[Stored items from a collection]
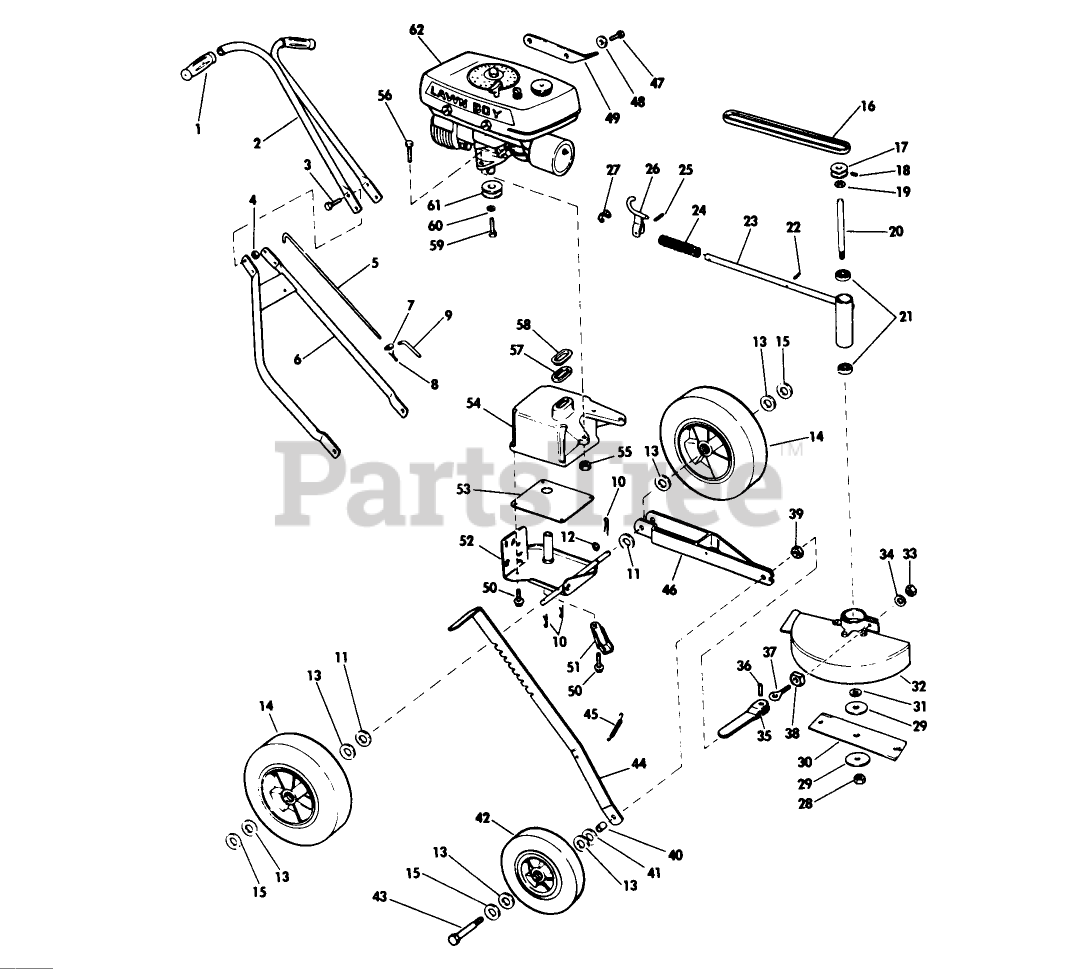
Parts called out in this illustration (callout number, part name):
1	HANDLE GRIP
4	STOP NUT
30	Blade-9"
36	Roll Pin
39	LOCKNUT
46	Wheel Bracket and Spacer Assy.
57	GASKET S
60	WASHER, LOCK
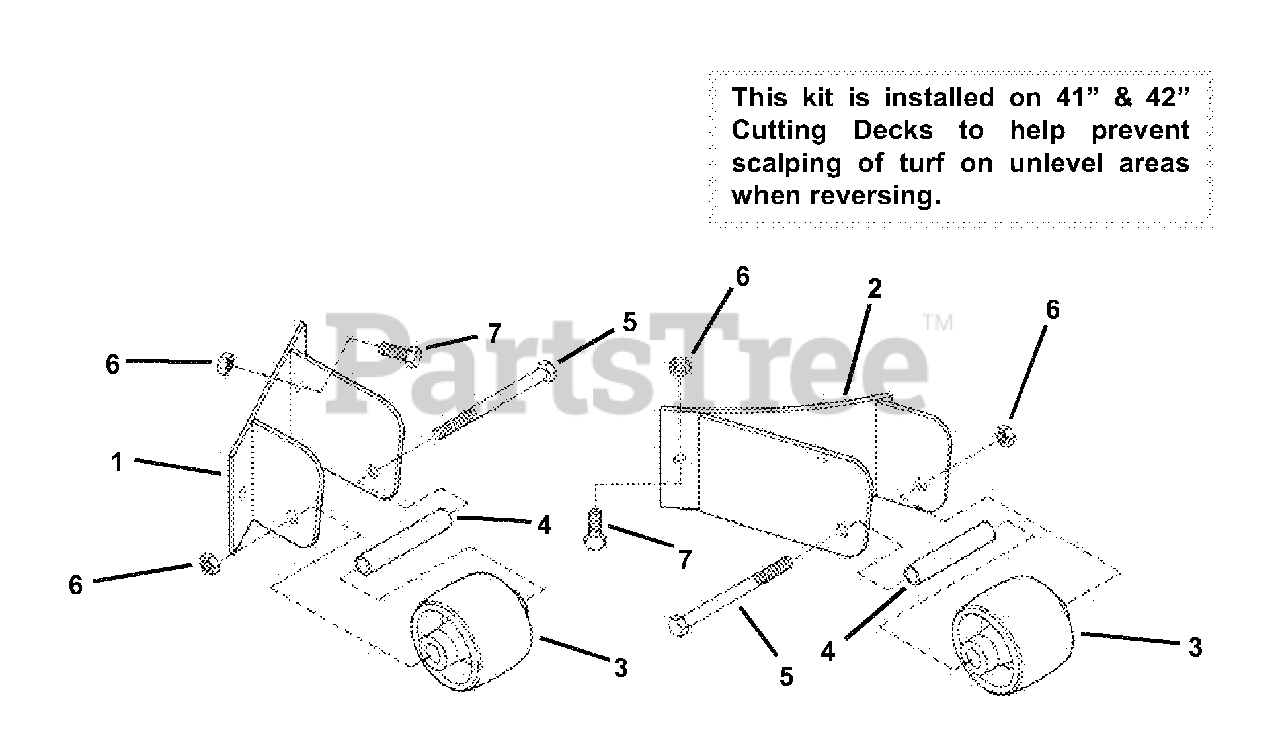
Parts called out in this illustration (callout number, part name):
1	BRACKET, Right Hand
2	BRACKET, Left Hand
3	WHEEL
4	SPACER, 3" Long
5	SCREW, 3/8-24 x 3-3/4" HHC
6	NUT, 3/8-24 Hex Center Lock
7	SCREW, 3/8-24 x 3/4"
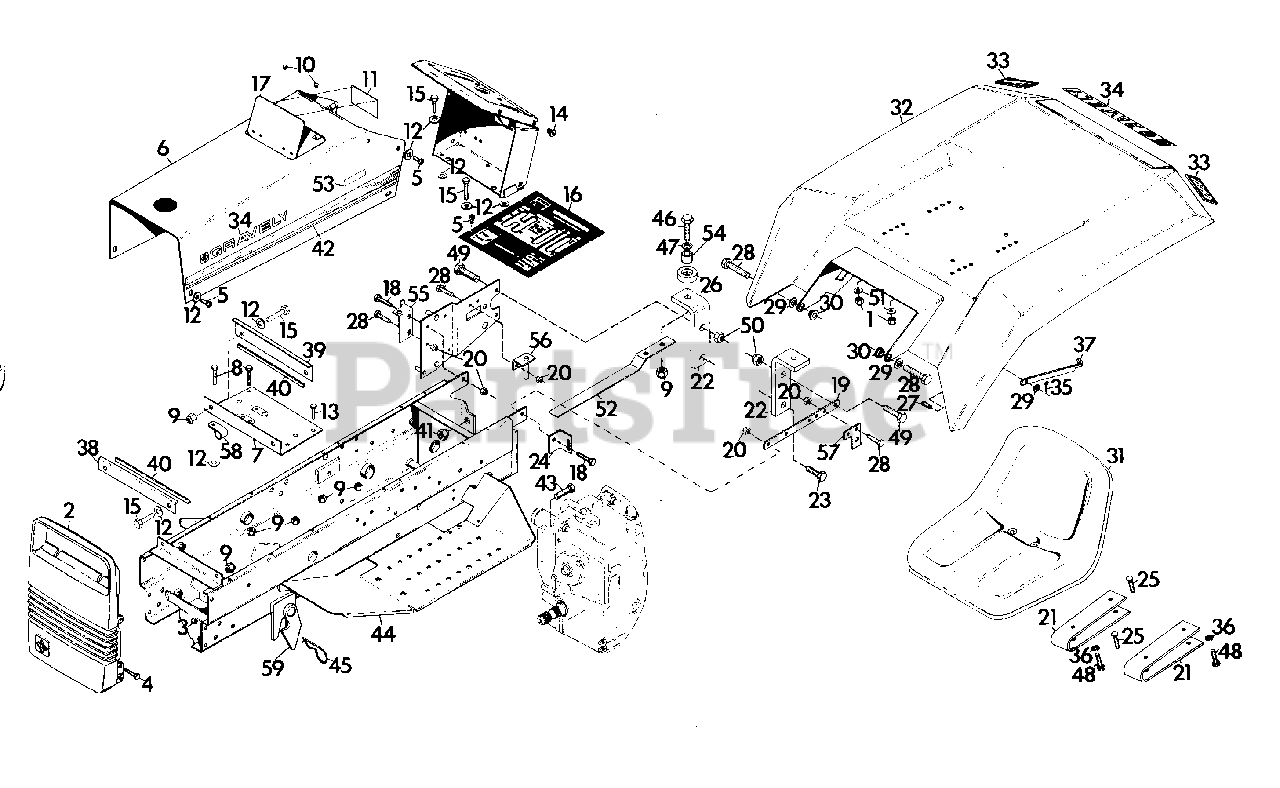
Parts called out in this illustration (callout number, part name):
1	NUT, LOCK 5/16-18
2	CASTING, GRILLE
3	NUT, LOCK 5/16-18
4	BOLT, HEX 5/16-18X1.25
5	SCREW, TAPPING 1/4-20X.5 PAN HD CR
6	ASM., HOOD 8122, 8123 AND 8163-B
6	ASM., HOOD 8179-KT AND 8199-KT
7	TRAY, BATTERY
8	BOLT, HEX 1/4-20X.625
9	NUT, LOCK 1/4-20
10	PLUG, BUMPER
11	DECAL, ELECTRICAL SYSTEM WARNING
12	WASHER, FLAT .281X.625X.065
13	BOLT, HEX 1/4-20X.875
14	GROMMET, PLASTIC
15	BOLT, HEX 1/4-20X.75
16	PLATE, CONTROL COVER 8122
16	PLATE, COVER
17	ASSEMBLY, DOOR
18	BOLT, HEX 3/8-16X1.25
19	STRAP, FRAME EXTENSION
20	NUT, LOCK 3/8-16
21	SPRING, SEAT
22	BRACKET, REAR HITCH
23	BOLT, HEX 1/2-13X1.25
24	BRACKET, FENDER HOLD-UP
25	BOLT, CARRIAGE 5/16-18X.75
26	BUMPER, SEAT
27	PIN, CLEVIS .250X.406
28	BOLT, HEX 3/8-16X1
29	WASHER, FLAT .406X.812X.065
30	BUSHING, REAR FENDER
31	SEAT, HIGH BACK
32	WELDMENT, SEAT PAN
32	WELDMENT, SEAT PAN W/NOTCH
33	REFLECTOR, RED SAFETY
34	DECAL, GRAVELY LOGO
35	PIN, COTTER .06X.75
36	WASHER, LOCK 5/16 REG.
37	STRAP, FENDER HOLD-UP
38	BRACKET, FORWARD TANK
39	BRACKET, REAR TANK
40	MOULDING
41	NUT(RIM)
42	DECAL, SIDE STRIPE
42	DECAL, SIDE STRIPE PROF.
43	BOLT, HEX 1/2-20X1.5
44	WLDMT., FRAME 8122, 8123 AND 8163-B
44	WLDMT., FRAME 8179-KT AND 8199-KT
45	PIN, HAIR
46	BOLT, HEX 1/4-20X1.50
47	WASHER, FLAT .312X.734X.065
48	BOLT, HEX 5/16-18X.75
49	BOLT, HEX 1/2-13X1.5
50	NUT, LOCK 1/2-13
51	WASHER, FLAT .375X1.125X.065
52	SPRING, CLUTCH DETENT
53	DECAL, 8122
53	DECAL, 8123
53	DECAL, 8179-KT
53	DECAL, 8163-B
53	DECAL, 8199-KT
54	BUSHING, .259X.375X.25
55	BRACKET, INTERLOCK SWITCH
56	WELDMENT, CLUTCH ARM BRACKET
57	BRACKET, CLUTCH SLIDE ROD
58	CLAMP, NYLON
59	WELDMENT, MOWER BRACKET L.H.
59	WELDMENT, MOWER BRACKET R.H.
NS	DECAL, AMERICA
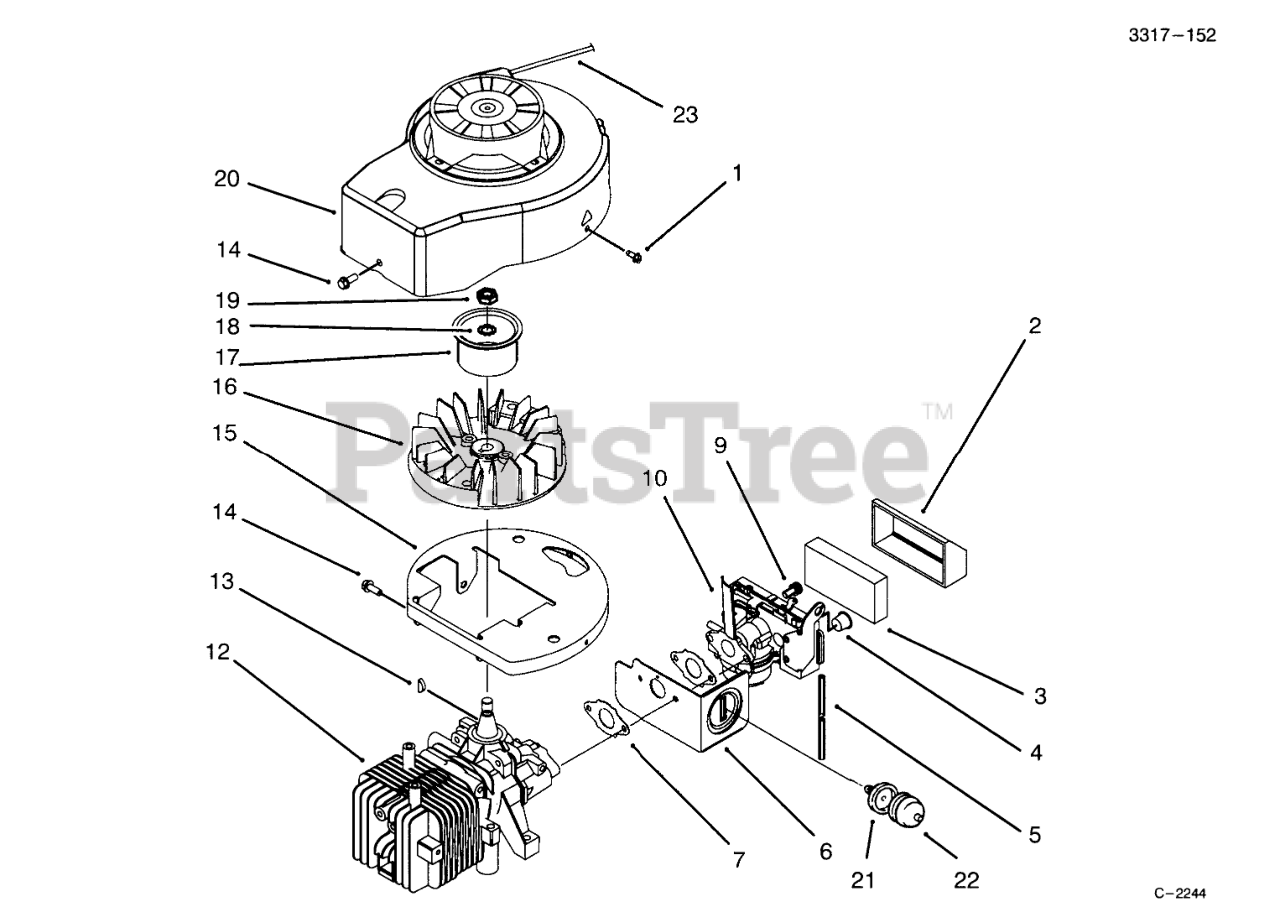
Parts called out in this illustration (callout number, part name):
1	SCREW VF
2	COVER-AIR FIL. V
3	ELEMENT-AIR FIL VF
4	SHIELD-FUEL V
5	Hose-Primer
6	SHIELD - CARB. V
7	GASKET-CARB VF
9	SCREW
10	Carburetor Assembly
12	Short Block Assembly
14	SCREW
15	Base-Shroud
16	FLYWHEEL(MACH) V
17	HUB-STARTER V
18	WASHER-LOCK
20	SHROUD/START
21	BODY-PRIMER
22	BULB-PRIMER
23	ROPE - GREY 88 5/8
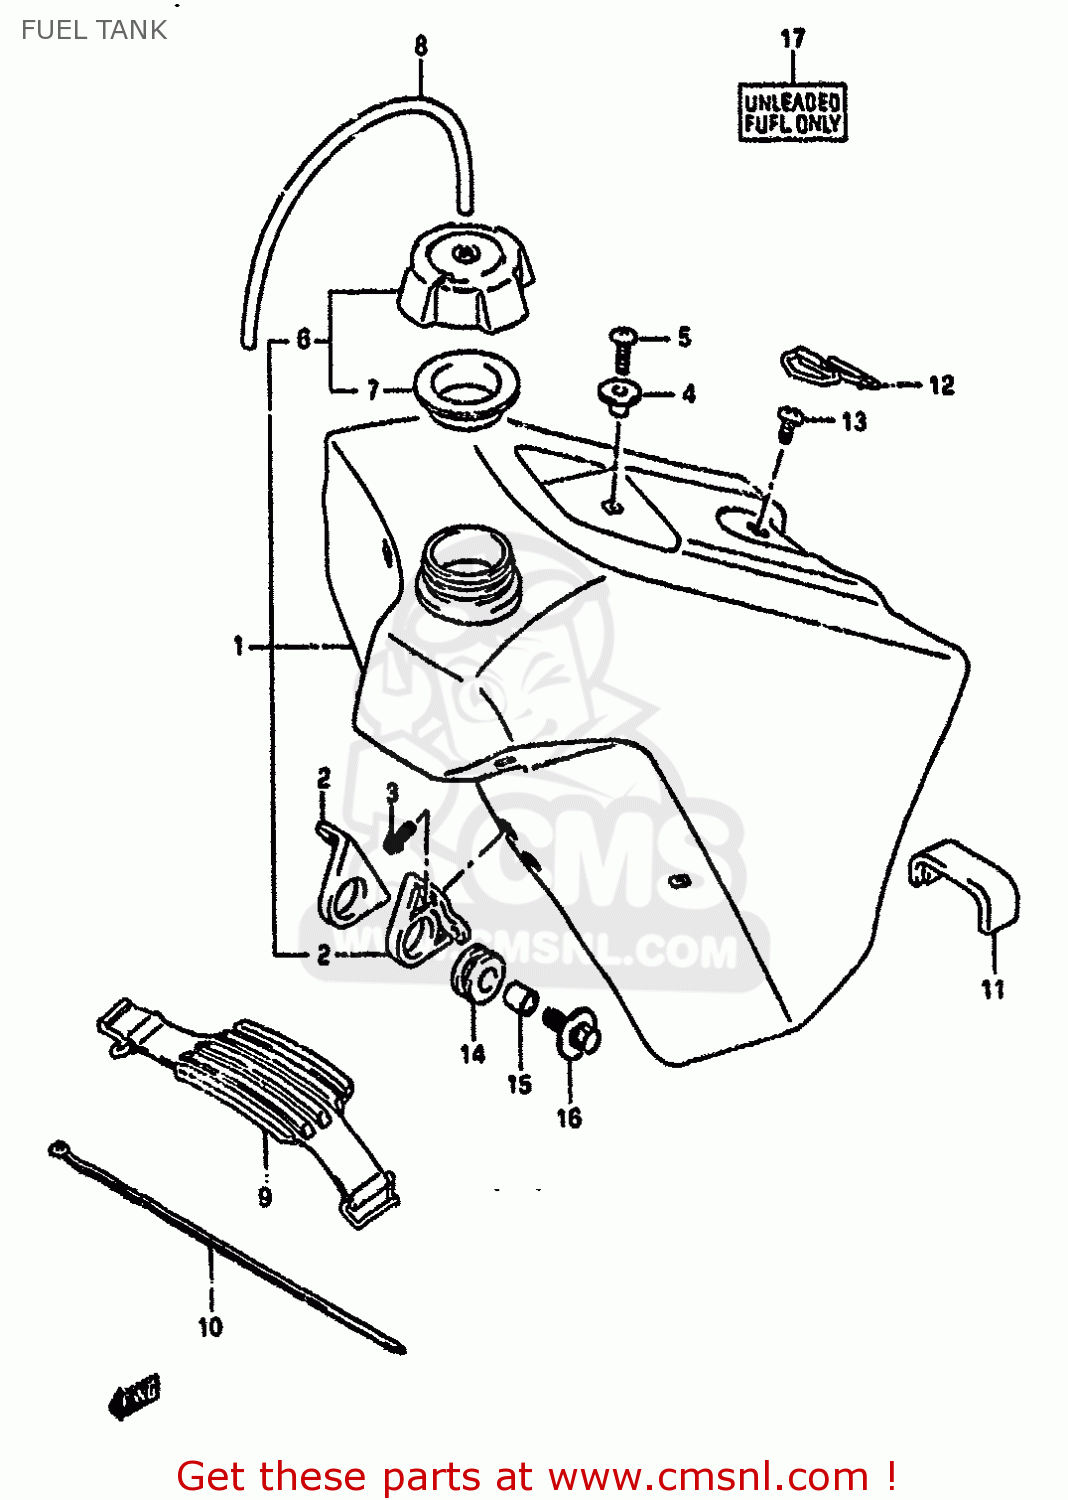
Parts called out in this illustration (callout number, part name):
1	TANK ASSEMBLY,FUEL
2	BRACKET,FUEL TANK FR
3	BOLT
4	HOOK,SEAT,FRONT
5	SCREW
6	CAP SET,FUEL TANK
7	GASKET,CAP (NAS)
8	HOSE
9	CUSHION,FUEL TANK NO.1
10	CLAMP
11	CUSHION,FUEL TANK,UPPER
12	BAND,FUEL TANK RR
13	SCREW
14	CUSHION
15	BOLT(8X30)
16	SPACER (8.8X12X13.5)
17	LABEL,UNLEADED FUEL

▶ EXERCISE BRIEF:
Print each entry exactly, leaving pictures out.

▶ RESULT FOR THIS TASK:
Parts called out in this illustration (callout number, part name):
1	HANDLE GRIP
4	STOP NUT
30	Blade-9"
36	Roll Pin
39	LOCKNUT
46	Wheel Bracket and Spacer Assy.
57	GASKET S
60	WASHER, LOCK
Parts called out in this illustration (callout number, part name):
1	BRACKET, Right Hand
2	BRACKET, Left Hand
3	WHEEL
4	SPACER, 3" Long
5	SCREW, 3/8-24 x 3-3/4" HHC
6	NUT, 3/8-24 Hex Center Lock
7	SCREW, 3/8-24 x 3/4"
Parts called out in this illustration (callout number, part name):
1	NUT, LOCK 5/16-18
2	CASTING, GRILLE
3	NUT, LOCK 5/16-18
4	BOLT, HEX 5/16-18X1.25
5	SCREW, TAPPING 1/4-20X.5 PAN HD CR
6	ASM., HOOD 8122, 8123 AND 8163-B
6	ASM., HOOD 8179-KT AND 8199-KT
7	TRAY, BATTERY
8	BOLT, HEX 1/4-20X.625
9	NUT, LOCK 1/4-20
10	PLUG, BUMPER
11	DECAL, ELECTRICAL SYSTEM WARNING
12	WASHER, FLAT .281X.625X.065
13	BOLT, HEX 1/4-20X.875
14	GROMMET, PLASTIC
15	BOLT, HEX 1/4-20X.75
16	PLATE, CONTROL COVER 8122
16	PLATE, COVER
17	ASSEMBLY, DOOR
18	BOLT, HEX 3/8-16X1.25
19	STRAP, FRAME EXTENSION
20	NUT, LOCK 3/8-16
21	SPRING, SEAT
22	BRACKET, REAR HITCH
23	BOLT, HEX 1/2-13X1.25
24	BRACKET, FENDER HOLD-UP
25	BOLT, CARRIAGE 5/16-18X.75
26	BUMPER, SEAT
27	PIN, CLEVIS .250X.406
28	BOLT, HEX 3/8-16X1
29	WASHER, FLAT .406X.812X.065
30	BUSHING, REAR FENDER
31	SEAT, HIGH BACK
32	WELDMENT, SEAT PAN
32	WELDMENT, SEAT PAN W/NOTCH
33	REFLECTOR, RED SAFETY
34	DECAL, GRAVELY LOGO
35	PIN, COTTER .06X.75
36	WASHER, LOCK 5/16 REG.
37	STRAP, FENDER HOLD-UP
38	BRACKET, FORWARD TANK
39	BRACKET, REAR TANK
40	MOULDING
41	NUT(RIM)
42	DECAL, SIDE STRIPE
42	DECAL, SIDE STRIPE PROF.
43	BOLT, HEX 1/2-20X1.5
44	WLDMT., FRAME 8122, 8123 AND 8163-B
44	WLDMT., FRAME 8179-KT AND 8199-KT
45	PIN, HAIR
46	BOLT, HEX 1/4-20X1.50
47	WASHER, FLAT .312X.734X.065
48	BOLT, HEX 5/16-18X.75
49	BOLT, HEX 1/2-13X1.5
50	NUT, LOCK 1/2-13
51	WASHER, FLAT .375X1.125X.065
52	SPRING, CLUTCH DETENT
53	DECAL, 8122
53	DECAL, 8123
53	DECAL, 8179-KT
53	DECAL, 8163-B
53	DECAL, 8199-KT
54	BUSHING, .259X.375X.25
55	BRACKET, INTERLOCK SWITCH
56	WELDMENT, CLUTCH ARM BRACKET
57	BRACKET, CLUTCH SLIDE ROD
58	CLAMP, NYLON
59	WELDMENT, MOWER BRACKET L.H.
59	WELDMENT, MOWER BRACKET R.H.
NS	DECAL, AMERICA
Parts called out in this illustration (callout number, part name):
1	SCREW VF
2	COVER-AIR FIL. V
3	ELEMENT-AIR FIL VF
4	SHIELD-FUEL V
5	Hose-Primer
6	SHIELD - CARB. V
7	GASKET-CARB VF
9	SCREW
10	Carburetor Assembly
12	Short Block Assembly
14	SCREW
15	Base-Shroud
16	FLYWHEEL(MACH) V
17	HUB-STARTER V
18	WASHER-LOCK
20	SHROUD/START
21	BODY-PRIMER
22	BULB-PRIMER
23	ROPE - GREY 88 5/8
Parts called out in this illustration (callout number, part name):
1	TANK ASSEMBLY,FUEL
2	BRACKET,FUEL TANK FR
3	BOLT
4	HOOK,SEAT,FRONT
5	SCREW
6	CAP SET,FUEL TANK
7	GASKET,CAP (NAS)
8	HOSE
9	CUSHION,FUEL TANK NO.1
10	CLAMP
11	CUSHION,FUEL TANK,UPPER
12	BAND,FUEL TANK RR
13	SCREW
14	CUSHION
15	BOLT(8X30)
16	SPACER (8.8X12X13.5)
17	LABEL,UNLEADED FUEL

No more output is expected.